PubSeq provides an API that is used to export formats that are
suitable for uploading data to EBI/ENA from our [[http://covid19.genenetwork.org/export][EXPORT]] menu. This is
documented [[http://covid19.genenetwork.org/blog?id=using-covid-19-pubseq-part6][here]].

#+begin_src python :session :exports both
requests.get(baseURL+"/api/ebi/sample-MT326090.1.xml").text
#+end_src

#+RESULTS:
#+begin_example
<?xml version="1.0" encoding="UTF-8"?>
<SAMPLE_SET>
  <SAMPLE alias="MT326090.1" center_name="COVID-19 PubSeq">
    <TITLE>COVID-19 PubSeq Sample</TITLE>
    <SAMPLE_NAME>
      <TAXON_ID>2697049</TAXON_ID>
      <SCIENTIFIC_NAME>Severe acute respiratory syndrome coronavirus 2</SCIENTIFIC_NAME>
      <COMMON_NAME>SARS-CoV-2</COMMON_NAME>
    </SAMPLE_NAME>
    <SAMPLE_ATTRIBUTES>
      <SAMPLE_ATTRIBUTE>
        <TAG>investigation type</TAG>
        <VALUE></VALUE>
      </SAMPLE_ATTRIBUTE>
      <SAMPLE_ATTRIBUTE>
        <TAG>sequencing method</TAG>
        <VALUE>http://purl.obolibrary.org/obo/OBI_0000759</VALUE>
      </SAMPLE_ATTRIBUTE>
      <SAMPLE_ATTRIBUTE>
        <TAG>collection date</TAG>
        <VALUE>2020-03-21</VALUE>
      </SAMPLE_ATTRIBUTE>
      <SAMPLE_ATTRIBUTE>
        <TAG>geographic location (latitude)</TAG>
        <VALUE></VALUE>
     <UNITS>DD</UNITS>
      </SAMPLE_ATTRIBUTE>
      <SAMPLE_ATTRIBUTE>
        <TAG>geographic location (longitude)</TAG>
        <VALUE></VALUE>
     <UNITS>DD</UNITS>
      </SAMPLE_ATTRIBUTE>
      <SAMPLE_ATTRIBUTE>
     <TAG>geographic location (country and/or sea)</TAG>
     <VALUE></VALUE>
      </SAMPLE_ATTRIBUTE>
      <SAMPLE_ATTRIBUTE>
        <TAG>geographic location (region and locality)</TAG>
        <VALUE></VALUE>
      </SAMPLE_ATTRIBUTE>
      <SAMPLE_ATTRIBUTE>
        <TAG>environment (material)</TAG>
        <VALUE>http://purl.obolibrary.org/obo/NCIT_C155831</VALUE>
      </SAMPLE_ATTRIBUTE>
      <SAMPLE_ATTRIBUTE>
        <TAG>ENA-CHECKLIST</TAG>
        <VALUE>ERC000011</VALUE>
      </SAMPLE_ATTRIBUTE>
    </SAMPLE_ATTRIBUTES>
  </SAMPLE>
</SAMPLE_SET>
#+end_example

* Configure emacs to run tests

Execute a code block with C-c C-c.
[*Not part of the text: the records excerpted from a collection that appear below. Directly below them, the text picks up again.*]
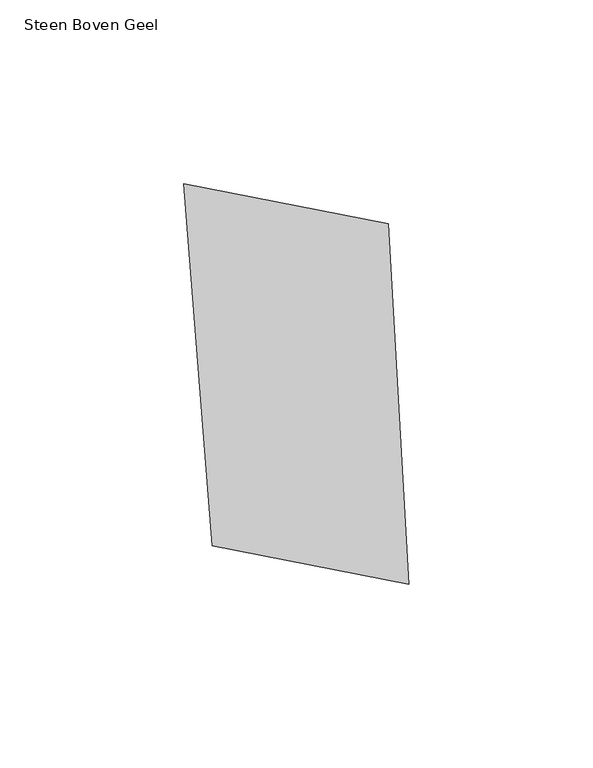
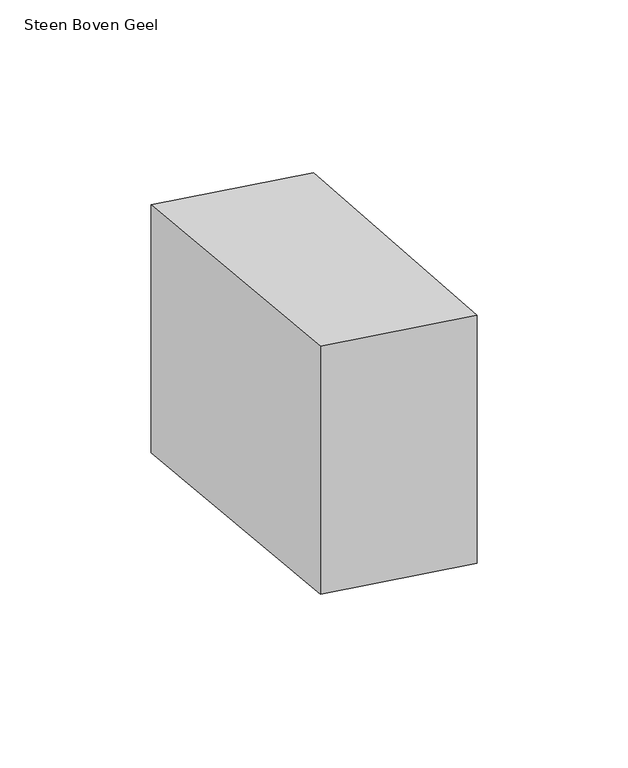
"""IFC4 building model written with IfcOpenShell, lengths in millimetres: proxy geometry, 00_GMA_steen_versie_4 : Steen Boven Geel."""

from ifc_helpers import new_model, si_unit, origin, origin_with_axes, place, context, project, spatial, polyline, outline, extrude, source, transform, mapped, element, save


def steen_boven_geel_6a5d1924(model_context):
    return source(origin(), model_context, "Body", "SweptSolid", [
        extrude(outline(polyline([(97.6808907, 121.0756012), (103.3228543, 23.0219895), (49.7836371, 33.446677), (42.0632898, 131.9288766), (97.6808907, 121.0756012)])), origin_with_axes(), (0.0, 0.0, 1.0), 100.0),
    ])


if __name__ == "__main__":
    model = new_model("IFC4")
    model_context = context("Model", 3, world=origin())
    ifc_project = project(units=[si_unit("LENGTHUNIT", "METRE", prefix="MILLI")], contexts=[model_context])
    site = spatial("IfcSite", under=ifc_project)
    building = spatial("IfcBuilding", under=site)
    placement = place(None, origin())
    steen_boven_geel_shape = steen_boven_geel_6a5d1924(model_context)
    element("IfcBuildingElementProxy", 1, Name="00_GMA_steen_versie_4 : Steen Boven Geel", ObjectType="00_GMA_steen_versie_4 : Steen Boven Geel", at=placement, inside=building, context=model_context, shape_type="MappedRepresentation", body=[
        mapped(steen_boven_geel_shape, transform((0.0, 0.0, 0.0), x_axis=(1.0, 0.0, 0.0), y_axis=(0.0, 1.0, 0.0), z_axis=(0.0, 0.0, 1.0))),
    ])
    save(model, "model.ifc")

# Revit data of these elements
# Type "00_GMA_steen_versie_4 : Steen Boven Geel"
#   StootVoegHalfBoven [instance default] = 5 mm
#   StootVoegHalf [instance default] = 5 mm
#   StootVoegBreedteOnder = 10 mm
#   StootVoegBreedteBoven = 10 mm
#   Steendikte = 100 mm
#   LintVoegOnderHalf = 5 mm
#   LintVoegOnder = 10 mm
#   LintVoegBovenHalf = 0 mm
#   LintVoegBoven = 0 mm
#   materiaal = 21_steen_geel
#   MateriaalVoeg = none
#   Default Elevation = 0
# Element 1 (IfcBuildingElementProxy, "00_GMA_steen_versie_4 : Steen Boven Geel")
#   Materials on its faces: "21_steen_geel"
# Materials
#   "21_steen_geel": class "Unassigned", colour RGB 202 202 0, transparency 0, Cost = 0
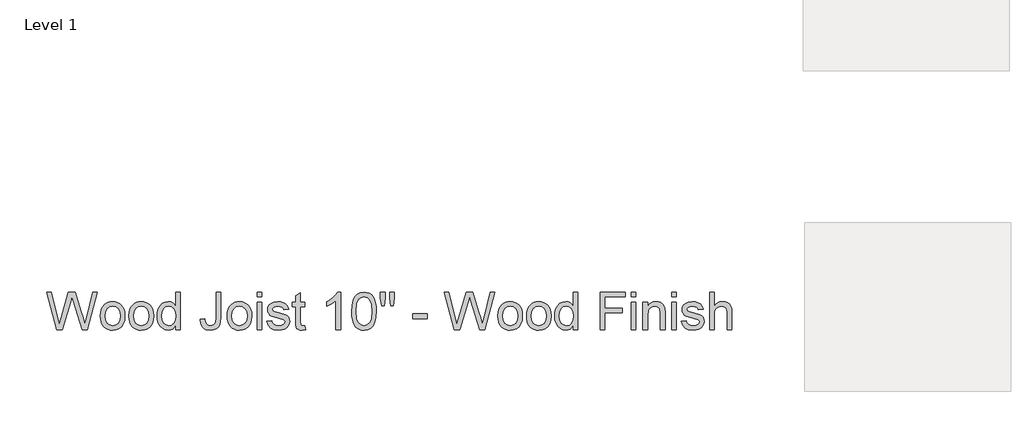
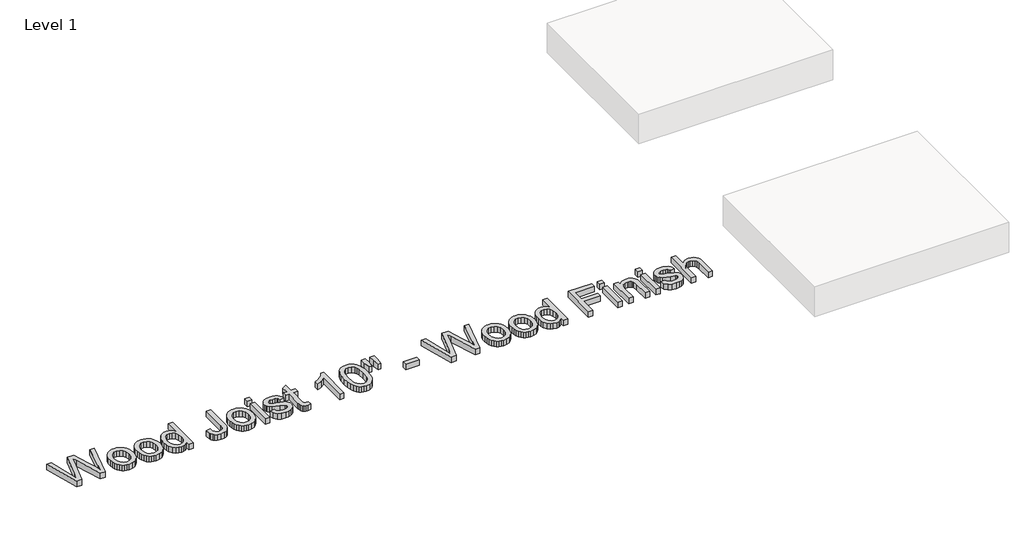
# One storey, part 14 of 42: 1 proxy.
"""IFC4 building model written with IfcOpenShell, lengths in millimetres."""

from ifc_helpers import new_model, si_unit, origin, origin_with_axes, place, context, project, spatial, polyline, outline, extrude, element, save

model = new_model("IFC4")

# Units and contexts
model_context = context("Model", 3, world=origin())
ifc_project = project(units=[si_unit("LENGTHUNIT", "METRE", prefix="MILLI")], contexts=[model_context])

# Site, building, storey
site = spatial("IfcSite", under=ifc_project)
building = spatial("IfcBuilding", under=site)
storey = spatial("IfcBuildingStorey", under=building, Name="Level 1", Elevation=0.0)

# Proxy
placement = place(None, origin())
element("IfcBuildingElementProxy", 1, Name="8\" Arial", ObjectType="8\" Arial", at=placement, inside=storey, context=model_context, shape_type="SweptSolid", body=[
    extrude(outline(polyline([(28464.8249625, -14007.0203765), (28381.7679694, -13702.4532824), (28421.0285713, -13702.4532824), (28469.2120374, -13902.6228667), (28484.0834775, -13964.4137005), (28499.9959185, -13909.7611579), (28560.3739654, -13702.4532824), (28616.9597952, -13702.4532824), (28660.8305436, -13852.729185), (28679.6243261, -13908.4970855), (28693.4733547, -13964.4137005), (28707.8986516, -13904.4074395), (28756.5282609, -13702.4532824), (28795.7888629, -13702.4532824), (28712.6575125, -14007.0203765), (28671.9841237, -14007.0203765), (28598.9653526, -13772.0516223), (28588.7784161, -13739.2600967), (28577.3274072, -13778.7437703), (28510.7777126, -14007.0203765), (28464.8249625, -14007.0203765)])), origin_with_axes(), (0.0, 0.0, 1.0), 50.8),
    extrude(outline(polyline([(28819.5831671, -13895.1871466), (28821.6419321, -13866.2203696), (28827.8182271, -13841.2595868), (28838.112052, -13820.3047982), (28852.523407, -13803.3560037), (28867.0323558, -13792.5230891), (28883.0470379, -13784.7852929), (28900.5674533, -13780.1426152), (28919.593602, -13778.5950559), (28940.5971876, -13780.4795462), (28959.5884814, -13786.1330171), (28976.5674834, -13795.5554687), (28991.5341937, -13808.7469008), (29003.7496876, -13825.2611703), (29012.4750404, -13844.6521341), (29017.710252, -13866.919792), (29019.4553226, -13892.0641442), (29016.3694987, -13930.5254062), (29007.1120273, -13959.803554), (28991.952453, -13981.7296336), (28971.1603207, -13998.134691), (28946.4644354, -14008.3681007), (28919.593602, -14011.7792373), (28898.283293, -14009.901718), (28879.1154009, -14004.26916), (28862.0899256, -13994.8815634), (28847.2068671, -13981.7389282), (28835.1214984, -13965.064326), (28826.4890921, -13945.0808283), (28821.3096483, -13921.7884352), (28819.5831671, -13895.1871466)]), holes=[polyline([(28857.6540538, -13895.1127894), (28862.059718, -13929.5680573), (28875.2767104, -13954.1152282), (28895.1672616, -13968.81007), (28919.593602, -13973.7083505), (28943.9084067, -13968.782186), (28963.7617792, -13954.0036924), (28976.9787717, -13929.1312087), (28981.3844358, -13893.9230742), (28976.9508877, -13860.4716285), (28963.6502434, -13836.2590651), (28943.7689869, -13821.5642233), (28919.593602, -13816.6659427), (28895.1672616, -13821.545634), (28875.2767104, -13836.1847079), (28862.059718, -13860.6761108), (28857.6540538, -13895.1127894)])]), origin_with_axes(), (0.0, 0.0, 1.0), 50.8),
    extrude(outline(polyline([(29052.7673485, -13895.1871466), (29054.8261135, -13866.2203696), (29061.0024085, -13841.2595868), (29071.2962334, -13820.3047982), (29085.7075884, -13803.3560037), (29100.2165372, -13792.5230891), (29116.2312193, -13784.7852929), (29133.7516347, -13780.1426152), (29152.7777834, -13778.5950559), (29173.781369, -13780.4795462), (29192.7726628, -13786.1330171), (29209.7516648, -13795.5554687), (29224.7183751, -13808.7469008), (29236.933869, -13825.2611703), (29245.6592218, -13844.6521341), (29250.8944334, -13866.919792), (29252.639504, -13892.0641442), (29249.5536801, -13930.5254062), (29240.2962087, -13959.803554), (29225.1366344, -13981.7296336), (29204.3445021, -13998.134691), (29179.6486168, -14008.3681007), (29152.7777834, -14011.7792373), (29131.4674744, -14009.901718), (29112.2995823, -14004.26916), (29095.274107, -13994.8815634), (29080.3910485, -13981.7389282), (29068.3056798, -13965.064326), (29059.6732735, -13945.0808283), (29054.4938297, -13921.7884352), (29052.7673485, -13895.1871466)]), holes=[polyline([(29090.8382352, -13895.1127894), (29095.2438994, -13929.5680573), (29108.4608918, -13954.1152282), (29128.351443, -13968.81007), (29152.7777834, -13973.7083505), (29177.0925881, -13968.782186), (29196.9459606, -13954.0036924), (29210.1629531, -13929.1312087), (29214.5686172, -13893.9230742), (29210.1350691, -13860.4716285), (29196.8344248, -13836.2590651), (29176.9531683, -13821.5642233), (29152.7777834, -13816.6659427), (29128.351443, -13821.545634), (29108.4608918, -13836.1847079), (29095.2438994, -13860.6761108), (29090.8382352, -13895.1127894)])]), origin_with_axes(), (0.0, 0.0, 1.0), 50.8),
    extrude(outline(polyline([(29433.4762161, -14007.0203765), (29433.4762161, -13971.1058485), (29422.0856224, -13988.9004561), (29408.2877143, -14001.6108901), (29392.0824919, -14009.2371505), (29373.4699551, -14011.7792373), (29348.8577217, -14008.0985559), (29326.3274899, -13997.0565116), (29307.2548679, -13979.4245604), (29293.0154639, -13955.9741582), (29284.1483678, -13927.6533594), (29281.192669, -13895.4102182), (29283.9160015, -13863.566747), (29292.0859989, -13834.8090996), (29305.6933667, -13810.7731345), (29324.72881, -13793.09471), (29347.7516583, -13782.2199694), (29373.3212407, -13778.5950559), (29391.9477195, -13781.1882633), (29408.4178394, -13788.9678854), (29422.3784039, -13800.8929215), (29433.4762161, -13815.9223707), (29433.4762161, -13702.4532824), (29471.5471028, -13702.4532824), (29471.5471028, -14007.0203765), (29433.4762161, -14007.0203765)]), holes=[polyline([(29319.2635558, -13895.2615038), (29323.5576841, -13929.6981824), (29336.4400692, -13954.1895854), (29355.1594944, -13968.8286593), (29376.9647435, -13973.7083505), (29398.760698, -13969.0517309), (29417.0060961, -13955.0818718), (29429.3586861, -13931.5385231), (29433.4762161, -13898.1614346), (29429.2843289, -13861.6706384), (29416.7086673, -13836.3706009), (29397.9985367, -13821.5921072), (29375.4032423, -13816.6659427), (29353.3749216, -13821.3969196), (29335.3247111, -13835.5898502), (29323.2788446, -13859.9697174), (29319.2635558, -13895.2615038)])]), origin_with_axes(), (0.0, 0.0, 1.0), 50.8),
    extrude(outline(polyline([(29633.3483716, -13921.5095957), (29671.4192583, -13916.6020204), (29675.3787792, -13944.2814884), (29684.4317684, -13961.5881268), (29698.2622078, -13970.6782946), (29716.5540791, -13973.7083505), (29730.6168847, -13971.9888403), (29742.616278, -13966.8303095), (29751.8737495, -13958.7067853), (29757.7107897, -13948.0922949), (29761.8376144, -13910.3560156), (29761.8376144, -13702.4532824), (29799.9085011, -13702.4532824), (29799.9085011, -13909.6868007), (29797.6127225, -13943.5843896), (29790.7253868, -13968.8379539), (29778.846824, -13987.2878343), (29761.5773642, -14000.7743716), (29739.8929455, -14009.0280209), (29714.7695063, -14011.7792373), (29679.5799611, -14006.1002061), (29665.4846242, -13999.0014171), (29653.7222445, -13989.0631125), (29644.5019517, -13976.3224709), (29638.0328752, -13960.8166709), (29633.3483716, -13921.5095957)])), origin_with_axes(), (0.0, 0.0, 1.0), 50.8),
    extrude(outline(polyline([(29852.2559704, -13895.1871466), (29854.3147354, -13866.2203696), (29860.4910304, -13841.2595868), (29870.7848554, -13820.3047982), (29885.1962103, -13803.3560037), (29899.7051591, -13792.5230891), (29915.7198412, -13784.7852929), (29933.2402566, -13780.1426152), (29952.2664054, -13778.5950559), (29973.2699909, -13780.4795462), (29992.2612847, -13786.1330171), (30009.2402867, -13795.5554687), (30024.206997, -13808.7469008), (30036.4224909, -13825.2611703), (30045.1478437, -13844.6521341), (30050.3830553, -13866.919792), (30052.1281259, -13892.0641442), (30049.0423021, -13930.5254062), (30039.7848306, -13959.803554), (30024.6252563, -13981.7296336), (30003.833124, -13998.134691), (29979.1372388, -14008.3681007), (29952.2664054, -14011.7792373), (29930.9560964, -14009.901718), (29911.7882042, -14004.26916), (29894.7627289, -13994.8815634), (29879.8796705, -13981.7389282), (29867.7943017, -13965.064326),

You may need to set

#+begin_src elisp
  (org-babel-do-load-languages
   'org-babel-load-languages
   '((python . t)))
  (setq org-babel-python-command "python3")
  (setq org-babel-eval-verbose t)
  (setq org-confirm-babel-evaluate nil)
#+end_src

#+RESULTS:

To skip confirmations you may also want to set

: (setq org-confirm-babel-evaluate nil)

To see output of the interpreter open then *Python* buffer.